In dealing with dogs that have problems getting along with others, there is a program called NOTHING IN LIFE IS FREE. The dog has to do something for the owner before the dog gets anything -- fed, a pat, played with, anything. 

You need to teach your lazy dog that same lesson.

Go on strike. You don't do for him unless he starts contributing to the upkeep of the family. You don't cook for him or wash his clothes. You don't clean up after him.

Stop acting like his maid.


----------



## MEM2020 (Aug 23, 2009)

You sound like a great - great wife and he is so lazy it is scary. Sorry to admit this but what works best for us - my wife just says to me "I need you to help me for the next couple hours ok" in a no nonsense but calm voice. I get up and say "what can I do" - she gives me a list and I do it. She is not complaining about what I didn't do, she is specifically telling me what to do. 




dobo said:


> In dealing with dogs that have problems getting along with others, there is a program called NOTHING IN LIFE IS FREE. The dog has to do something for the owner before the dog gets anything -- fed, a pat, played with, anything.
> 
> You need to teach your lazy dog that same lesson.
> 
> ...


----------



## chuckf75 (Sep 6, 2009)

Alt least you are talking, keep that up. I know women and know most of you need the relationship to be running smooth and both helping each to enjoy "giving us some". He better learn this soon!


----------



## laughsalot (Sep 29, 2009)

Thank you all for your help. I have tried the being on strike routine before. I didn't want to have to be a b*tch again. So I kept talking to him. He knew I had been upset for the past few days and wanted to know why. So we talked yesterday afternoon on his way home from work. I was calm and he was calm. I explained how I felt and he did too. He says he needs a to do list. I have chore charts for the kids and now he wants one too. I gave him a list of stuff he could do when he got home. I got home and it was all done and more. I totally get that men and women are opposites. Men just don't think the way we do and no matter how much I want him to read my mind it is not going to happen. I need to open my mouth more and tell him what I want instead of expecting him to know. We talked about the foreplay too. I explained that what he thought was foreplay was not what I thought it was. I told him what I wanted and what I needed. When we "washed dishes" last night I got everything that I wanted. It probably sounds like I am being a push over. I love my husband. If a simple list for chores and telling him what I actually want in bed will fix my problem then I am fine with it.


----------



## MEM2020 (Aug 23, 2009)

I know this is lame - but. 

Even with his list - you are going to have a choice some nights. You can watch him goof off - and wait until you are angry and smack him for - goofing off. You will be right. BUT, right does not equal happy. 

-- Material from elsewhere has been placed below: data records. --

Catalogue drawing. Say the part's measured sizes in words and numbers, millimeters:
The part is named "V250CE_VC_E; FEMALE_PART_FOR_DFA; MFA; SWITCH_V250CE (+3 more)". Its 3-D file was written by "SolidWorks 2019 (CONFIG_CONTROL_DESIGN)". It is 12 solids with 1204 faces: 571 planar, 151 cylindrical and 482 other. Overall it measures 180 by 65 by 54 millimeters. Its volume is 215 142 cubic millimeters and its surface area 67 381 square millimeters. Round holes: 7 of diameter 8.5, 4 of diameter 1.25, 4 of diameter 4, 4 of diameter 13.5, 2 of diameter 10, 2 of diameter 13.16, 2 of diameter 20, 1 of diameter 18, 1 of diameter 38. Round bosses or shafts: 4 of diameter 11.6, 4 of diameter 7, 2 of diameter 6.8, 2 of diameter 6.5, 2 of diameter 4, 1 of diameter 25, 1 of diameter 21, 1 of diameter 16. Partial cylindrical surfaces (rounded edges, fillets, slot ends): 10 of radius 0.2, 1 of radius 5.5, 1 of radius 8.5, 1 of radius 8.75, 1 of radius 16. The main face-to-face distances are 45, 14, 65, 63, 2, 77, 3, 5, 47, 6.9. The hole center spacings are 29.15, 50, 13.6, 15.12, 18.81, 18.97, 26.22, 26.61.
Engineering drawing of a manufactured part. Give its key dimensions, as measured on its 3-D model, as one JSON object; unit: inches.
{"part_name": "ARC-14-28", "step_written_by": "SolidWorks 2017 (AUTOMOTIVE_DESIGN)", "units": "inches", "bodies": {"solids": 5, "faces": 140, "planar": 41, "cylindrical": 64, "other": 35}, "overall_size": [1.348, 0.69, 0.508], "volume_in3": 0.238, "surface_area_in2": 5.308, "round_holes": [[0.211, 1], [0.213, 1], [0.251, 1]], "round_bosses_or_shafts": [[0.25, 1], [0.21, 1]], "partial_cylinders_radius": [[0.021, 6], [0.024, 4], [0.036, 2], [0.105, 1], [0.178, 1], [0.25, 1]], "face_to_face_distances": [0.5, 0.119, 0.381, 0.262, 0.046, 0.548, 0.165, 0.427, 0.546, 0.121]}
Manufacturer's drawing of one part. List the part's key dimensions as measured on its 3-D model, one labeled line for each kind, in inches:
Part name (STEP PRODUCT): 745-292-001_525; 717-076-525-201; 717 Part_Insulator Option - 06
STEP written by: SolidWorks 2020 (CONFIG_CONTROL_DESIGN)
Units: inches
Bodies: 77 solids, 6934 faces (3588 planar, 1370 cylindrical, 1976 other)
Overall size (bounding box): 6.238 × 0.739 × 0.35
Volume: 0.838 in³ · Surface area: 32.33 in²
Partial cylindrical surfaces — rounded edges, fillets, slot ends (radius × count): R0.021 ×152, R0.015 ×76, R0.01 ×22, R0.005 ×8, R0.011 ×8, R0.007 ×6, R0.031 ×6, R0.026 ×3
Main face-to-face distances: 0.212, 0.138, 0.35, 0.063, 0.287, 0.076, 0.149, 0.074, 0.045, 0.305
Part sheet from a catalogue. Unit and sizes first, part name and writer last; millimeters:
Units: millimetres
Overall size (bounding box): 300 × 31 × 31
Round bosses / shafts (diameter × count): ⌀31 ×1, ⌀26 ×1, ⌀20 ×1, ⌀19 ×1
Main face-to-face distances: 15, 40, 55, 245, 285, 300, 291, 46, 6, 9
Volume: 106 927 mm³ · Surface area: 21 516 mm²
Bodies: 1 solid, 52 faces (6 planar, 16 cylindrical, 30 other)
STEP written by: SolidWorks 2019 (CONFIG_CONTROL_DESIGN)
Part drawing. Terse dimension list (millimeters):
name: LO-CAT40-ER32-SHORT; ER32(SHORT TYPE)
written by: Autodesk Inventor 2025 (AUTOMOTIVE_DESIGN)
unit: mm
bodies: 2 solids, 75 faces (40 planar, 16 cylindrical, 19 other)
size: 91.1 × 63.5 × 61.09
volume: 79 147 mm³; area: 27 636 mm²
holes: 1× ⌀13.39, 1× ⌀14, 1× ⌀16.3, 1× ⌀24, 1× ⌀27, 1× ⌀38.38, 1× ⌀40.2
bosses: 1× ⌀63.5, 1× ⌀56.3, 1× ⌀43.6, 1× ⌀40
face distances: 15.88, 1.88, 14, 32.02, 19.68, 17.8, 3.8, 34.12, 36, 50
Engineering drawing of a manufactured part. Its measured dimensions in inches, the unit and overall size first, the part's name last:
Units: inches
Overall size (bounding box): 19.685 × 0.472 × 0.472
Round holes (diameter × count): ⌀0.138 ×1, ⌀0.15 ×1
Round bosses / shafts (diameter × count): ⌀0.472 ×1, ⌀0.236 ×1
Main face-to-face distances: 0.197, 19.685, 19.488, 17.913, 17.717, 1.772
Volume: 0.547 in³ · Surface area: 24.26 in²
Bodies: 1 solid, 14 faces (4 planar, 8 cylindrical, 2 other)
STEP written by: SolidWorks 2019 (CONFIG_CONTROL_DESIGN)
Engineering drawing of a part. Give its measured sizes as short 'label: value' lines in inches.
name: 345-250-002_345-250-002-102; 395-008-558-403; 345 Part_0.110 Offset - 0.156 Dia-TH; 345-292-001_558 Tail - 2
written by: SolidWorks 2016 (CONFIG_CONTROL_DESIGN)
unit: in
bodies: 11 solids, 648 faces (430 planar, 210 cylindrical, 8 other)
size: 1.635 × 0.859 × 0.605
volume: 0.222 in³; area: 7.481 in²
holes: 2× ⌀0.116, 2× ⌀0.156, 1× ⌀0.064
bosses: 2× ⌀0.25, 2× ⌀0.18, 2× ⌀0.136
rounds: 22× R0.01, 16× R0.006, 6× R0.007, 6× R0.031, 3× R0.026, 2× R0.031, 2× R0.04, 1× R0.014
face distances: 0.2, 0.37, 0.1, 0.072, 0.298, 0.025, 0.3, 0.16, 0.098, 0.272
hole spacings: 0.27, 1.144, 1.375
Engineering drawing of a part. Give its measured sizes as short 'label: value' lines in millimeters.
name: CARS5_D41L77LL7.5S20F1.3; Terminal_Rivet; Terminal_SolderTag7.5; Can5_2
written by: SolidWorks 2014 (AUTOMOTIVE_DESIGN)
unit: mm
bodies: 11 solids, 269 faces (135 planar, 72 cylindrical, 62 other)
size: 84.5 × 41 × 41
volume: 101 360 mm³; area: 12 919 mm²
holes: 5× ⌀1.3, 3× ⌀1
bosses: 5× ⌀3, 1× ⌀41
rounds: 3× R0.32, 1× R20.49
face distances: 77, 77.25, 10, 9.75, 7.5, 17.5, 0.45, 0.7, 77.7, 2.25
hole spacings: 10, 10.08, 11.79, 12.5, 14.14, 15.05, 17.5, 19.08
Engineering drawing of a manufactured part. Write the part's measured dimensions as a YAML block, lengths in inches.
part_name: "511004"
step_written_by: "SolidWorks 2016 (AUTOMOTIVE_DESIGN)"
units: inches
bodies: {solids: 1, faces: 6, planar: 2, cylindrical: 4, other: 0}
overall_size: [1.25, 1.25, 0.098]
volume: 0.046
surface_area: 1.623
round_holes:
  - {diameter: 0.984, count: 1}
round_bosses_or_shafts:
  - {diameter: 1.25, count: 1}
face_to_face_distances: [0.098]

OR you can say. Hey stud - I know you are tired - I just need you to do these "X ,, Y" things tonight - kind of well now would be good (delivered with a smile), cause I am buried now. It really is not nagging to say please help me now. It IS nagging to say "Why haven't you helped me much tonight - after the fact"







laughsalot said:


> Thank you all for your help. I have tried the being on strike routine before. I didn't want to have to be a b*tch again. So I kept talking to him. He knew I had been upset for the past few days and wanted to know why. So we talked yesterday afternoon on his way home from work. I was calm and he was calm. I explained how I felt and he did too. He says he needs a to do list. I have chore charts for the kids and now he wants one too. I gave him a list of stuff he could do when he got home. I got home and it was all done and more. I totally get that men and women are opposites. Men just don't think the way we do and no matter how much I want him to read my mind it is not going to happen. I need to open my mouth more and tell him what I want instead of expecting him to know. We talked about the foreplay too. I explained that what he thought was foreplay was not what I thought it was. I told him what I wanted and what I needed. When we "washed dishes" last night I got everything that I wanted. It probably sounds like I am being a push over. I love my husband. If a simple list for chores and telling him what I actually want in bed will fix my problem then I am fine with it.


----------



## laughsalot (Sep 29, 2009)

I like that. I will use the stud line. I really don't want to be a nag and I want to be happy.



MEM11363 said:


> I know this is lame - but.
> 
> Even with his list - you are going to have a choice some nights. You can watch him goof off - and wait until you are angry and smack him for - goofing off. You will be right. BUT, right does not equal happy.
> 
> OR you can say. Hey stud - I know you are tired - I just need you to do these "X ,, Y" things tonight - kind of well now would be good (delivered with a smile), cause I am buried now. It really is not nagging to say please help me now. It IS nagging to say "Why haven't you helped me much tonight - after the fact"


----------



## sjm1983 (Sep 18, 2009)

OK well here is a new perspective from my personal experience. 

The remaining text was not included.